### ENTRIES SUPPLIED
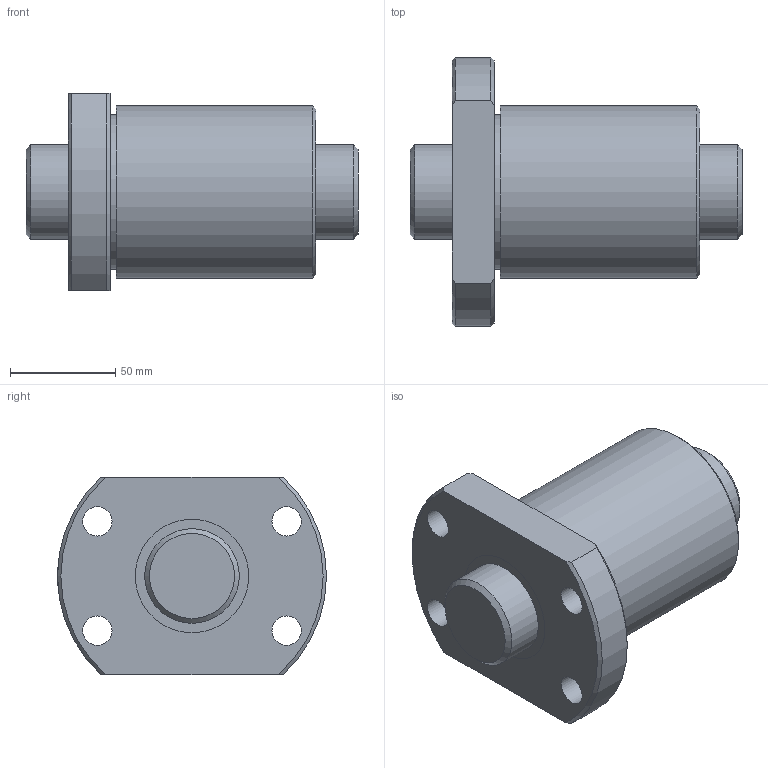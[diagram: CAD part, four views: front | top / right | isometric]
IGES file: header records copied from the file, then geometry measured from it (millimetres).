
Start section: Data from Parasolid IGES Translator 26.0.171, Copyright(c) 2006 Siemens PLM Software. All Rights Reserved.
Global section: file name: BTK4512V-5.3ZZ+158LC7T_000.igs; native system: By Siemens PLM Incorporated; preprocessor: XPlus GENERIC/IGES 26.0.171; author: Noname; organization: Noname; date: 20250116.075848; units: millimetre
Bounding box: 158 x 128 x 94 mm (x, y, z)
Surface area: 97413.6 mm2 (no closed solid volume)
Topology: 0 solids, 0 shells, 31 faces, 142 edges, 123 vertices
Faces by surface type: revolution 21, extrusion 10
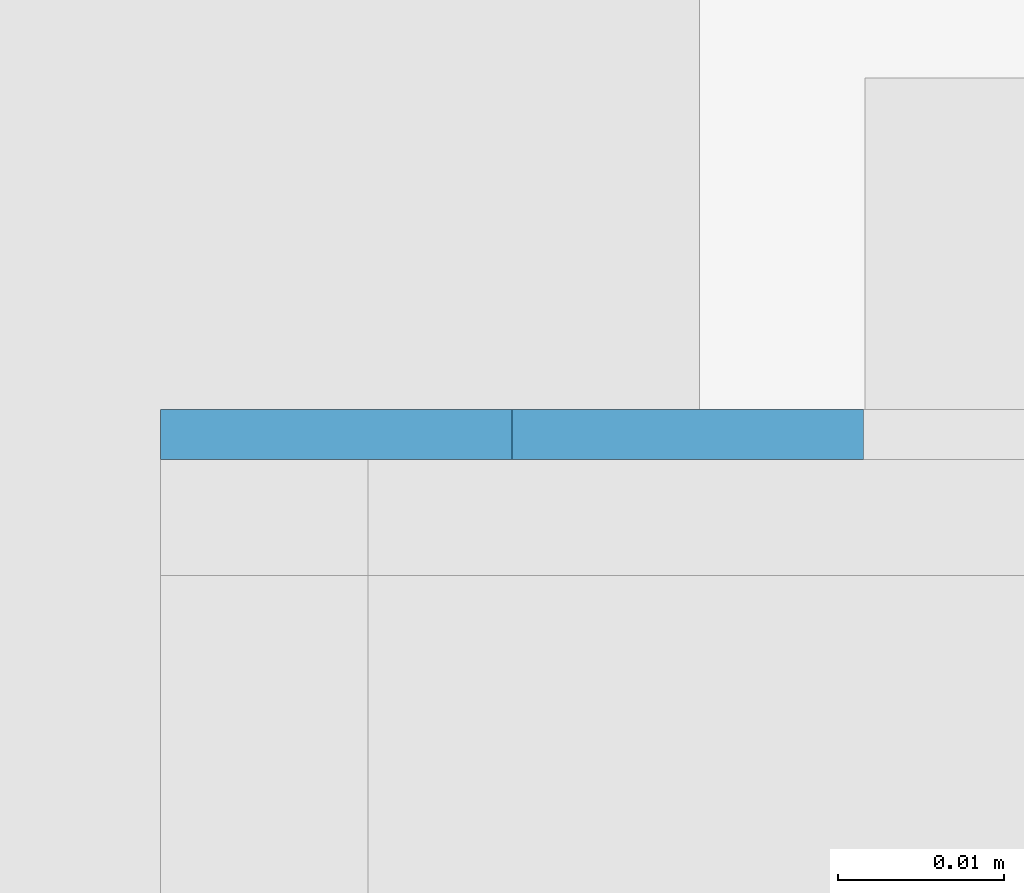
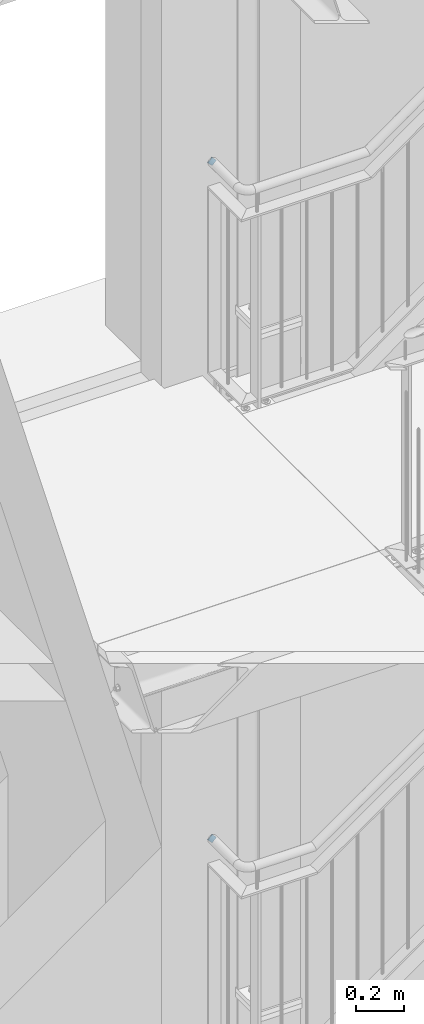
# One storey, part 225 of 825: 2 plates, 8 openings.
"""IFC2X3 building model written with IfcOpenShell, lengths in millimetres."""

from ifc_helpers import new_model, entity, si_unit, converted_unit, point, frame, frame_2d, origin, origin_with_axes, place, context, project, spatial, polyline, circle_curve, line_curve, trimmed, segment, composite_curve, outline, extrude, material, layer, layer_set, element, save


model = new_model("IFC2X3")

# Units and contexts
model_context = context("Model", 3, precision=1e-09, world=origin_with_axes())
ifc_project = project(units=[si_unit("LENGTHUNIT", "METRE", prefix="MILLI"), si_unit("AREAUNIT", "SQUARE_METRE"), si_unit("VOLUMEUNIT", "CUBIC_METRE"), converted_unit("PLANEANGLEUNIT", "DEGREE", entity("IfcPlaneAngleMeasure", 0.01745329), si_unit("PLANEANGLEUNIT", "RADIAN"), dimensions=[0, 0, 0, 0, 0, 0, 0])], contexts=[model_context])

# Site, building, storey
site_placement = place(None, origin_with_axes())
site = spatial("IfcSite", under=ifc_project, at=site_placement, Name="Cnopf'sche Kinderklinik", CompositionType="ELEMENT")
building_placement = place(site_placement, origin_with_axes())
building = spatial("IfcBuilding", under=site, at=building_placement, Name="Struktur 1", CompositionType="ELEMENT")
storey_placement = place(building_placement, origin_with_axes())
storey = spatial("IfcBuildingStorey", under=building, at=storey_placement, Name="Default Storey", CompositionType="ELEMENT", Elevation=0.0)

# Plate, openings
ifc_material = material(Name="S235JR")
ifc_layer = layer(ifc_material, 3.0)
ifc_layer_set = layer_set([ifc_layer], Name="S235JR")
plate_1_placement = place(None, frame((4614.213403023, 7608.736971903, 8460.000000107), z_axis=(0.0, 1.0, 0.0), x_axis=(0.0, 0.0, 1.0)))
plate_1 = element("IfcPlate", 1, at=plate_1_placement, inside=storey, material=ifc_layer_set, Name="-", ObjectType="-", context=model_context, shape_type="SweptSolid", body=[
    extrude(outline(polyline([(21.2, 0.0), (21.2, 42.4), (-21.2, 42.4), (-21.2, 0.0), (21.2, 0.0)])), origin_with_axes(), (0.0, 0.0, 1.0), 3.0),
])
opening_1_placement = place(plate_1_placement, frame((0.0, 0.0, -0.01), z_axis=(0.0, 0.0, 1.0), x_axis=(1.0, 0.0, 0.0)))
element("IfcOpeningElement", 2, at=opening_1_placement, cuts=plate_1, ObjectType="Opening", context=model_context, shape_type="SweptSolid", body=[
    extrude(outline(composite_curve([segment(trimmed(line_curve((21.2, 0.0), (0.0, 1.0), 21.2), [point((21.2, 0.0))], [point((21.2, 21.2))], True, "CARTESIAN"), True, "CONTINUOUS"), segment(trimmed(circle_curve(frame_2d((0.0, 21.2), x_axis=(-1.0, 0.0)), 21.2), [point((21.2, 21.2))], [point((0.0, 0.0))], False, "CARTESIAN"), True, "CONTINUOUS"), segment(trimmed(line_curve((0.0, 0.0), (1.0, 0.0), 21.2), [point((0.0, 0.0))], [point((21.2, 0.0))], True, "CARTESIAN"), True, "CONTINUOUS")], self_intersect=False)), origin(), (0.0, 0.0, 1.0), 3.02),
])
opening_2_placement = place(plate_1_placement, frame((0.0, 0.0, -0.01), z_axis=(0.0, 0.0, 1.0), x_axis=(1.0, 0.0, 0.0)))
element("IfcOpeningElement", 3, at=opening_2_placement, cuts=plate_1, ObjectType="Opening", context=model_context, shape_type="SweptSolid", body=[
    extrude(outline(composite_curve([segment(trimmed(line_curve((21.2, 42.4), (-1.0, 0.0), 21.2), [point((21.2, 42.4))], [point((0.0, 42.4))], True, "CARTESIAN"), True, "CONTINUOUS"), segment(trimmed(circle_curve(frame_2d((0.0, 21.2), x_axis=(-1.0, 0.0)), 21.2), [point((0.0, 42.4))], [point((21.2, 21.2))], False, "CARTESIAN"), True, "CONTINUOUS"), segment(trimmed(line_curve((21.2, 21.2), (0.0, 1.0), 21.2), [point((21.2, 21.2))], [point((21.2, 42.4))], True, "CARTESIAN"), True, "CONTINUOUS")], self_intersect=False)), origin(), (0.0, 0.0, 1.0), 3.02),
])
opening_3_placement = place(plate_1_placement, frame((0.0, 0.0, -0.01), z_axis=(0.0, 0.0, 1.0), x_axis=(1.0, 0.0, 0.0)))
element("IfcOpeningElement", 4, at=opening_3_placement, cuts=plate_1, ObjectType="Opening", context=model_context, shape_type="SweptSolid", body=[
    extrude(outline(composite_curve([segment(trimmed(line_curve((-21.2, 42.4), (0.0, -1.0), 21.2), [point((-21.2, 42.4))], [point((-21.2, 21.2))], True, "CARTESIAN"), True, "CONTINUOUS"), segment(trimmed(circle_curve(frame_2d((0.0, 21.2), x_axis=(-1.0, 0.0)), 21.2), [point((-21.2, 21.2))], [point((0.0, 42.4))], False, "CARTESIAN"), True, "CONTINUOUS"), segment(trimmed(line_curve((0.0, 42.4), (-1.0, 0.0), 21.2), [point((0.0, 42.4))], [point((-21.2, 42.4))], True, "CARTESIAN"), True, "CONTINUOUS")], self_intersect=False)), origin(), (0.0, 0.0, 1.0), 3.02),
])
opening_4_placement = place(plate_1_placement, frame((0.0, 0.0, -0.01), z_axis=(0.0, 0.0, 1.0), x_axis=(1.0, 0.0, 0.0)))
element("IfcOpeningElement", 5, at=opening_4_placement, cuts=plate_1, ObjectType="Opening", context=model_context, shape_type="SweptSolid", body=[
    extrude(outline(composite_curve([segment(trimmed(line_curve((-21.2, 0.0), (1.0, 0.0), 21.2), [point((-21.2, 0.0))], [point((0.0, 0.0))], True, "CARTESIAN"), True, "CONTINUOUS"), segment(trimmed(circle_curve(frame_2d((0.0, 21.2), x_axis=(-1.0, 0.0)), 21.2), [point((0.0, 0.0))], [point((-21.2, 21.2))], False, "CARTESIAN"), True, "CONTINUOUS"), segment(trimmed(line_curve((-21.2, 21.2), (0.0, -1.0), 21.2), [point((-21.2, 21.2))], [point((-21.2, 0.0))], True, "CARTESIAN"), True, "CONTINUOUS")], self_intersect=False)), origin(), (0.0, 0.0, 1.0), 3.02),
])

plate_2_placement = place(None, frame((4614.213403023, 7608.736971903, 4987.000000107), z_axis=(0.0, 1.0, 0.0), x_axis=(0.0, 0.0, 1.0)))
plate_2 = element("IfcPlate", 6, at=plate_2_placement, inside=storey, material=ifc_layer_set, Name="-", ObjectType="-", context=model_context, shape_type="SweptSolid", body=[
    extrude(outline(polyline([(21.2, 0.0), (21.2, 42.4), (-21.2, 42.4), (-21.2, 0.0), (21.2, 0.0)])), origin_with_axes(), (0.0, 0.0, 1.0), 3.0),
])
opening_5_placement = place(plate_2_placement, frame((0.0, 0.0, -0.01), z_axis=(0.0, 0.0, 1.0), x_axis=(1.0, 0.0, 0.0)))
element("IfcOpeningElement", 7, at=opening_5_placement, cuts=plate_2, ObjectType="Opening", context=model_context, shape_type="SweptSolid", body=[
    extrude(outline(composite_curve([segment(trimmed(line_curve((21.2, 0.0), (0.0, 1.0), 21.2), [point((21.2, 0.0))], [point((21.2, 21.2))], True, "CARTESIAN"), True, "CONTINUOUS"), segment(trimmed(circle_curve(frame_2d((0.0, 21.2), x_axis=(-1.0, 0.0)), 21.2), [point((21.2, 21.2))], [point((0.0, 0.0))], False, "CARTESIAN"), True, "CONTINUOUS"), segment(trimmed(line_curve((0.0, 0.0), (1.0, 0.0), 21.2), [point((0.0, 0.0))], [point((21.2, 0.0))], True, "CARTESIAN"), True, "CONTINUOUS")], self_intersect=False)), origin(), (0.0, 0.0, 1.0), 3.02),
])
opening_6_placement = place(plate_2_placement, frame((0.0, 0.0, -0.01), z_axis=(0.0, 0.0, 1.0), x_axis=(1.0, 0.0, 0.0)))
element("IfcOpeningElement", 8, at=opening_6_placement, cuts=plate_2, ObjectType="Opening", context=model_context, shape_type="SweptSolid", body=[
    extrude(outline(composite_curve([segment(trimmed(line_curve((21.2, 42.4), (-1.0, 0.0), 21.2), [point((21.2, 42.4))], [point((0.0, 42.4))], True, "CARTESIAN"), True, "CONTINUOUS"), segment(trimmed(circle_curve(frame_2d((0.0, 21.2), x_axis=(-1.0, 0.0)), 21.2), [point((0.0, 42.4))], [point((21.2, 21.2))], False, "CARTESIAN"), True, "CONTINUOUS"), segment(trimmed(line_curve((21.2, 21.2), (0.0, 1.0), 21.2), [point((21.2, 21.2))], [point((21.2, 42.4))], True, "CARTESIAN"), True, "CONTINUOUS")], self_intersect=False)), origin(), (0.0, 0.0, 1.0), 3.02),
])
opening_7_placement = place(plate_2_placement, frame((0.0, 0.0, -0.01), z_axis=(0.0, 0.0, 1.0), x_axis=(1.0, 0.0, 0.0)))
element("IfcOpeningElement", 9, at=opening_7_placement, cuts=plate_2, ObjectType="Opening", context=model_context, shape_type="SweptSolid", body=[
    extrude(outline(composite_curve([segment(trimmed(line_curve((-21.2, 42.4), (0.0, -1.0), 21.2), [point((-21.2, 42.4))], [point((-21.2, 21.2))], True, "CARTESIAN"), True, "CONTINUOUS"), segment(trimmed(circle_curve(frame_2d((0.0, 21.2), x_axis=(-1.0, 0.0)), 21.2), [point((-21.2, 21.2))], [point((0.0, 42.4))], False, "CARTESIAN"), True, "CONTINUOUS"), segment(trimmed(line_curve((0.0, 42.4), (-1.0, 0.0), 21.2), [point((0.0, 42.4))], [point((-21.2, 42.4))], True, "CARTESIAN"), True, "CONTINUOUS")], self_intersect=False)), origin(), (0.0, 0.0, 1.0), 3.02),
])
opening_8_placement = place(plate_2_placement, frame((0.0, 0.0, -0.01), z_axis=(0.0, 0.0, 1.0), x_axis=(1.0, 0.0, 0.0)))
element("IfcOpeningElement", 10, at=opening_8_placement, cuts=plate_2, ObjectType="Opening", context=model_context, shape_type="SweptSolid", body=[
    extrude(outline(composite_curve([segment(trimmed(line_curve((-21.2, 0.0), (1.0, 0.0), 21.2), [point((-21.2, 0.0))], [point((0.0, 0.0))], True, "CARTESIAN"), True, "CONTINUOUS"), segment(trimmed(circle_curve(frame_2d((0.0, 21.2), x_axis=(-1.0, 0.0)), 21.2), [point((0.0, 0.0))], [point((-21.2, 21.2))], False, "CARTESIAN"), True, "CONTINUOUS"), segment(trimmed(line_curve((-21.2, 21.2), (0.0, -1.0), 21.2), [point((-21.2, 21.2))], [point((-21.2, 0.0))], True, "CARTESIAN"), True, "CONTINUOUS")], self_intersect=False)), origin(), (0.0, 0.0, 1.0), 3.02),
])

save(model, "model.ifc")

### PROBLEM DETAILS
The answer must be an exact copy of the lines from the start of the records above through the line containing "Surface area: 97413.6", with no pictures in it.

### SOLUTION BELOW
[diagram: CAD part, four views: front | top / right | isometric]
IGES file: header records copied from the file, then geometry measured from it (millimetres).
Start section: Data from Parasolid IGES Translator 26.0.171, Copyright(c) 2006 Siemens PLM Software. All Rights Reserved.
Global section: file name: BTK4512V-5.3ZZ+158LC7T_000.igs; native system: By Siemens PLM Incorporated; preprocessor: XPlus GENERIC/IGES 26.0.171; author: Noname; organization: Noname; date: 20250116.075848; units: millimetre
Bounding box: 158 x 128 x 94 mm (x, y, z)
Surface area: 97413.6 mm2 (no closed solid volume)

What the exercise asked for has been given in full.